I am going to go ahead and say that this box is unlike anything done before. I have looked around the web a lot, and there is not one example of a box done this way. I am sure there will be all sorts of opinions, and its not in any way the easiest construction, but I like what I have done so far. I hope every body else likes it to...stay tuned.


----------



## sydmonster (Oct 5, 2009)

shame plans had to change and it was certainly a cool result. In dash sub & 100% custom dash is still not an everyday thing in car audio.
Do you think some nice trim might have changed its fate??

Look forward to what you have coming next!


----------



## adamand (Apr 19, 2009)

All I can say is WOW!

You're dedication to DIY is beyond reproach... starting all over is crazy talk, but you gotta do what ya gotta do! 

Sub'd.


----------



## evangojason (Feb 12, 2010)

Great build! Can't wait to see how it turns out. I've been in the same boat before where you just don't like something you put a lot of time and money into. You try to alter and change it to fit your liking and end up doing twice as much work replacing 80%-90% of it and spending more time and money then if you would have started over.


----------



## Orion525iT (Mar 6, 2011)

sydmonster said:


> Do you think some nice trim might have changed its fate??


No not really, but I did take a few weeks to decide the fate of the box. One of the other major issues was mounting depth. I simply had a very hard time getting the clearance between the top of the HVAC box and the sub magnet. It looked ok during mock up, but it resulted in a design with a very tall "face" There may have been some optical tricks with trim lines and materials that I suppose might have hidden the bulkiness, but I could convince myself that I could do it right. Not to mention once trim and padding was added, the box would be even larger!

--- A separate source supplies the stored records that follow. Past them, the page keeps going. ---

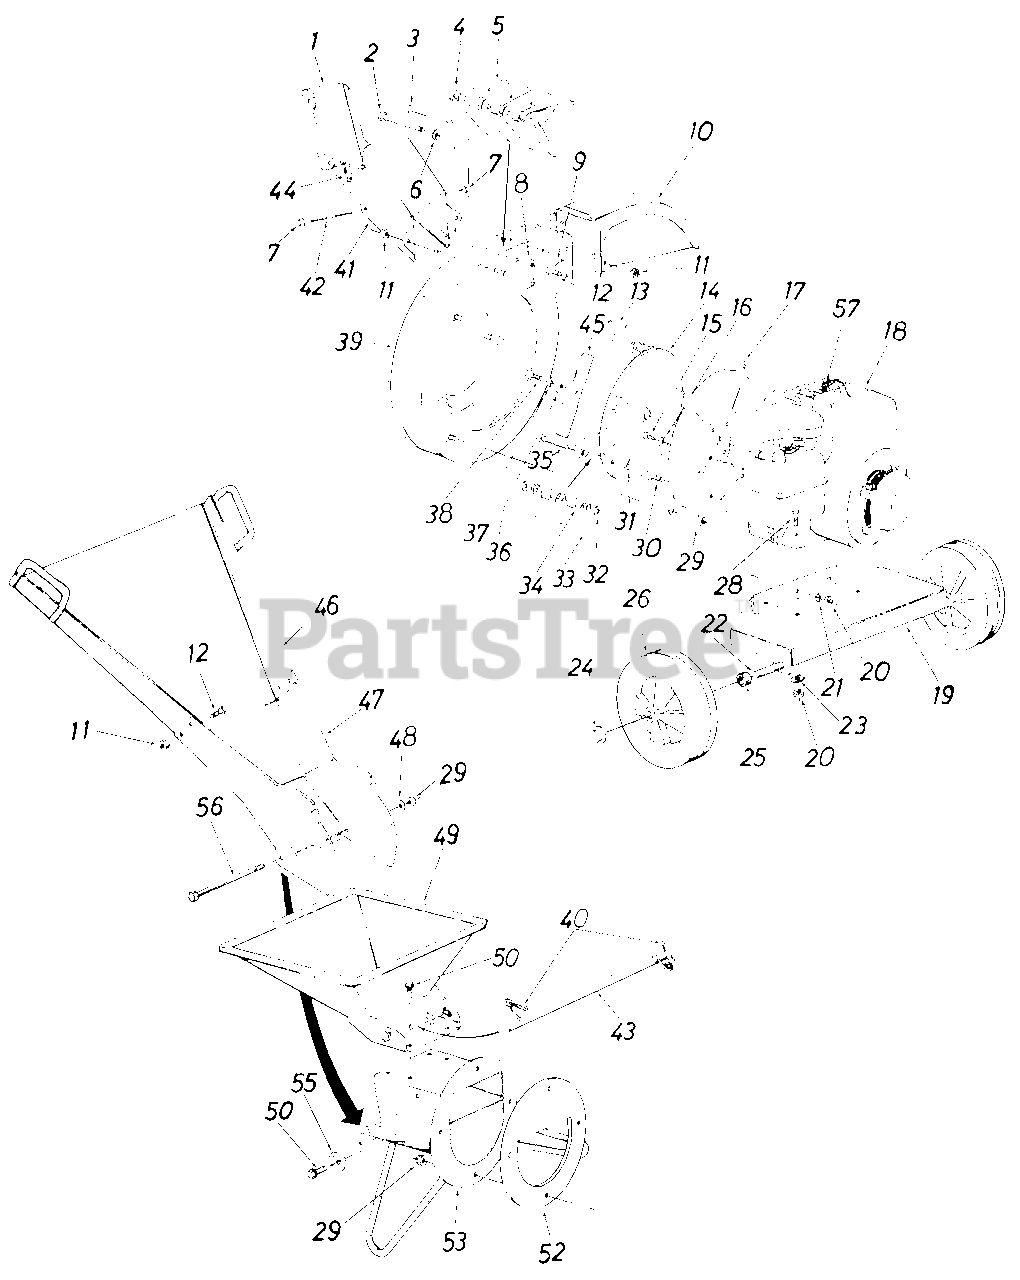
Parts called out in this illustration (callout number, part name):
1	Door Chip It
2	Hex Bolt 1/2-20 x 4.50" Lg.*
3	Clevis Pin
4	Flail Spacer 7/32" Lg.
5	Cutting Finger
6	L-Wash. 1/2" I.D.*
7	Palnut 3/16" Dia.
8	Hex Jam Nut 1/2-20 Thd.*
9	Cotter Pin 3/32" Dia. x 314" Lg.
10	Chute Deflector
11	L.-Nut 1/4-20 Thd.
12	Hex Bolt 1/4-20 x .50" Lg.*
13	Sq. Key 1/4" x 2.00" Lg.
14	Impeller Assembly
15	Hex Bolt 5/16-24 x 3/4" Lg.
16	L.-Wash. 5/16" I.D.*
17	Hopper to Engine Mtg. Plate
18	Engine
19	Engine Mounting Plate
20	Hex Nut 5/16-24 Thd.*
21	L.-Wash. 5/16" I.D.*
22	Shaft
23	Special L.-Wash. 5116" I.D.
24	Push Cap
25	Spacer
26	Wheel Ass'y.-Comp. (White)
26	Wheel Ass'y.-Comp. (Silver)
28	Hex Bolt 5/16-24 x 1.50" Lg.*
29	Elastic Lock Nut 5/16-18 Thd.
30	Hex Bolt 5/16-24 x .62" Lg.*
31	Cotter Pin 1/8" Dia. x 1.00" Lg.
32	Fl.-Wash. .531" I.D. x 937 0 O.D. x .09
33	Flail
34	Flail Spacer 23/32" Lg.
35	Clevis Pin .50" Dia. x 3.0" Lg.
36	Fl.-Wash. .406" I.D. x 1.25" O.D. Hdn.
37	L.-Wash. 3/8" I.D. H.D.
38	Hex Bolt 3/8-24 x 2.0" Lg. H.T.
41	Chip-lt Guide Ass'y.
42	Hinge Pin
43	Release Bar
44	Wing Nut Elastic 1/4-20 Thd.
46	Upper Leaf Ramp Section
47	Lower Leaf Ramp Section
48	Fl.-Wash. 5/16" I.D.
49	Hopper Assembly
50	Hex Wash. Hd. Self-Tap Scr. 5/16-18 x .75" Lg.
52	Back-Up Plate
53	Inlet Guide Assembly
55	Stop Washer
56	Hex Bolt 5/16-18 x 8.38" Lg.
57	Spark Plug Boot
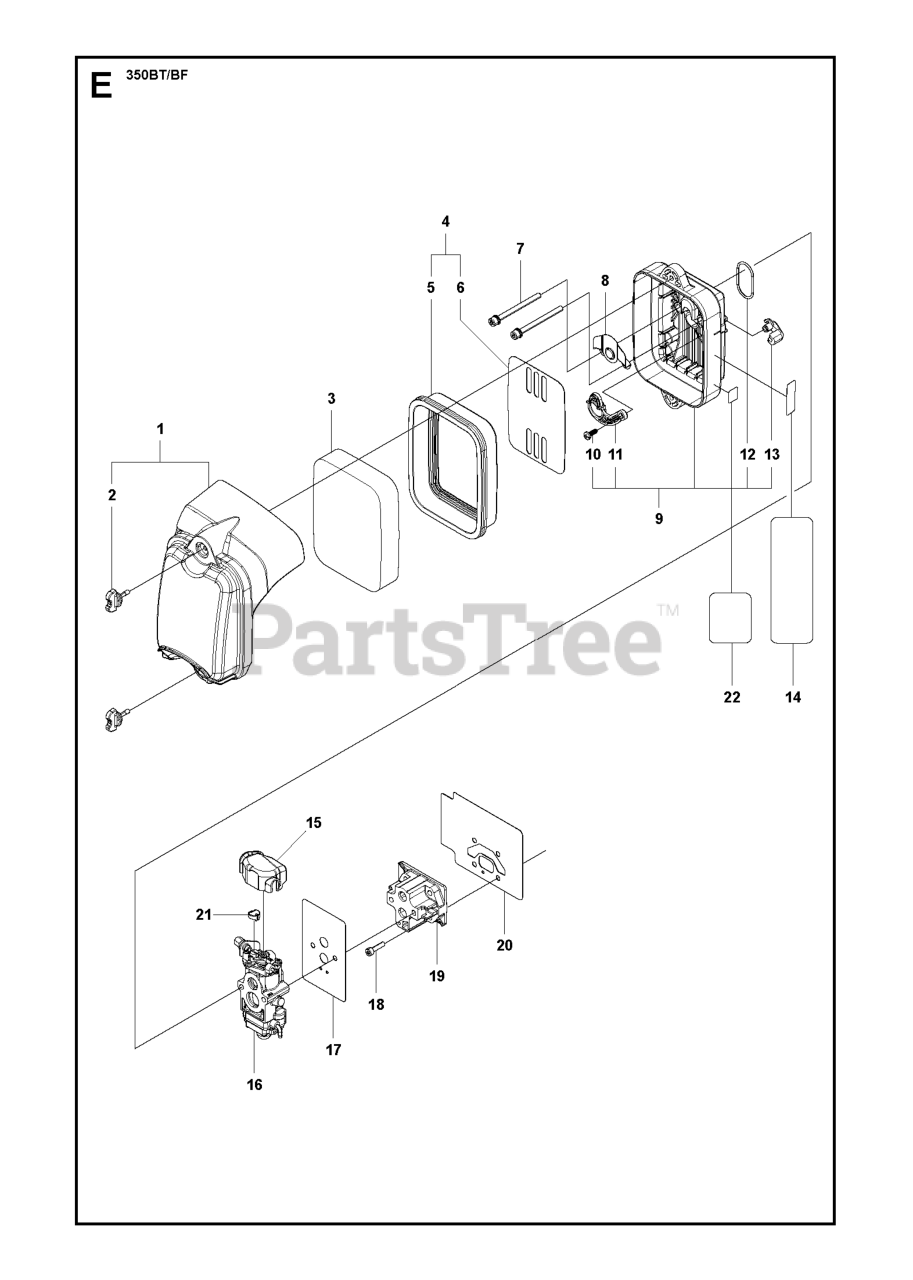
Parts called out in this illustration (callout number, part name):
3	AIR FILTER
6	SCREEN
9	AIR FILTER HOLDER ASSY
14	LABEL,CHOKE
16	CARBURETTOR
19	INSULATION
20	GASKET,INSULATOR

Even though I matched the contour of the dash to the door trim, the dash still just didn't look right. It felt large and blocky, and ugly. 100% functional, and sounded great, but it looked all wrong to me.


----------



## Orion525iT (Mar 6, 2011)

evangojason said:


> Great build! Can't wait to see how it turns out. I've been in the same boat before where you just don't like something you put a lot of time and money into. You try to alter and change it to fit your liking and end up doing twice as much work replacing 80%-90% of it and spending more time and money then if you would have started over.


^Pretty much nailed it. I realized this would be the case, and that a complete rebuild would be needed.


----------



## Orion525iT (Mar 6, 2011)

Ok, well it looks like its not going to stop raining any time soon, so I got some time.

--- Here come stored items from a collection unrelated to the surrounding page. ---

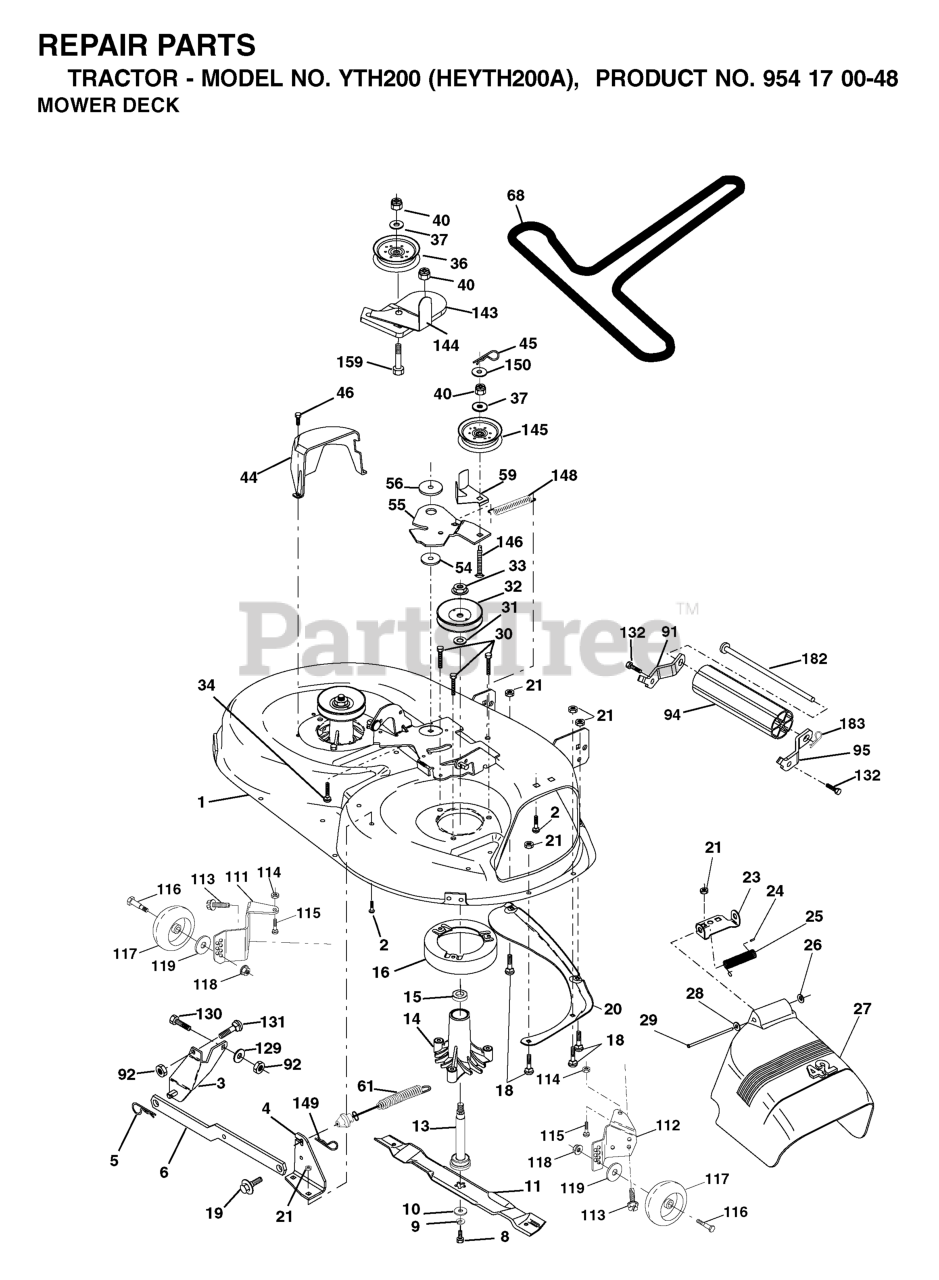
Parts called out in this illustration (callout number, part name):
1	42" DECK KIT
2	RP BOLT 5/16-18 X3/4 ZN/YEL GR
3	BRKT ASM SWAY BAR
4	BRACKET SWAY BAR 42" DECK
5	RETAINER-SPRNG RB
6	BAR SWAY DECK
8	BLADE BOLT
9	LOCKWASHER
10	WASHER.BLADE
11	Blade Mower 42" High Perf.
13	SHAFT ASM VENT
14	HOUSING.MANDREL.VENTED (MACHD)
16	STRIPPER.MANDREL.ROUND.BLACK
18	BOLT
19	BOLT SHD 5/16-18
20	BAFFLE.VORTEX
21	LOCKNUT
23	BRKT, DEFL. MOWER
24	CAP-SLEEVE LT
25	SPRING TORSION
26	NUT PUSH M
27	SHIELD DEFLECTOR
28	Washer 11/32 x 5/8 x 16 Ga SD
29	ROD.HINGE
30	SCREW, WASHER HEAD
31	WASHER
32	PULLEY/MANDREL
33	NUT, FLG TOPLOCK 9/16"
36	FLAT IDLER PULLEY
37	WASHER
44	GUARD MANDREL LH BLACK
45	RETAINER M
46	SCREW.1/4-20X5/8
54	HARDENED WASHER
55	ARM IDLER 42" MOWER LT/YT
56	SPACER.RETAINER.MOWER
59	GUARD, BELT
61	SPRING EXT ELEC CLUTCH
91	BRACKET ASM NOSEROLLER LH
92	NUT
94	NOSE ROLLER
95	BRACKET ASM NOSEROLLER RH
111	BRACKET, WHEEL
112	BRACKET, WHEEL
113	Screw Tapping 3/8-16 x .625
114	NUT
115	BOLT.CARR.5/16-18X5/8.SHORT
116	BOLT M
117	WHEEL.GAUGE.STANDARD
118	LOCKNUT
119	WASHER.5/16.FLAT.STE.STD.
129	WASHER
131	BOLT D
132	SCREW 3/8-16X3/4
143	BRACKET, ARM IDLER
144	DNO KEEPER.BELT.42".CLUTCH.CBL
145	PULLEY
146	BOLT, CARRIAGE IDLER BLACK
148	IDLER RETURN SPRING
149	SPRING.RETAINER.YELLOW.ZINC
160	SCREW 3/8-16X3/4
182	ROD ROLLER NOSE STANDARD
183	SPRING RETAINER

Some of the problems with the first box had to do with the fact that I didn't have a clear design in mind. I had an idea of what I wanted to do, but realized that for the most part, the design would have to flesh itself out in the process of the build. I would also consider myself more an artist than an engineer, and so most things I do in life are organic, more kinda "in the flow". I used to spend hours with Legos as a kid. I loved starting from nothing, having no clear idea of what I was making, and ending up with something real cool. Just my nature I guess. But this led to issues with the box. Primarily, the long cure time of the epoxy required that I wait a day, or at least eight hours, before continuing to the next step. Also, modification was hell. My "in the flow" nature really bit hard when I need to make a change. Endless hours of sanding, and grinding, and making piles of itchy fiberglass dust just to make one change.

Another issue was the driver itself. I seemed to get hung up on sensitivity, for some reason. I wanted a relatively high sensitivity driver, which unfortunately often requires a larger box, >2.0 cu ft to be exact. I also wanted to go ported, which requires a bigger box. Pretty difficult specs to get around when space is limited.

I third major issue was that I used multiple materials; Some areas of the first box are strictly glass, some areas glass over MDF, some areas glass over cedar, some areas glass over PVC foam. In some areas the core material worked great, in others areas results were less than optimal.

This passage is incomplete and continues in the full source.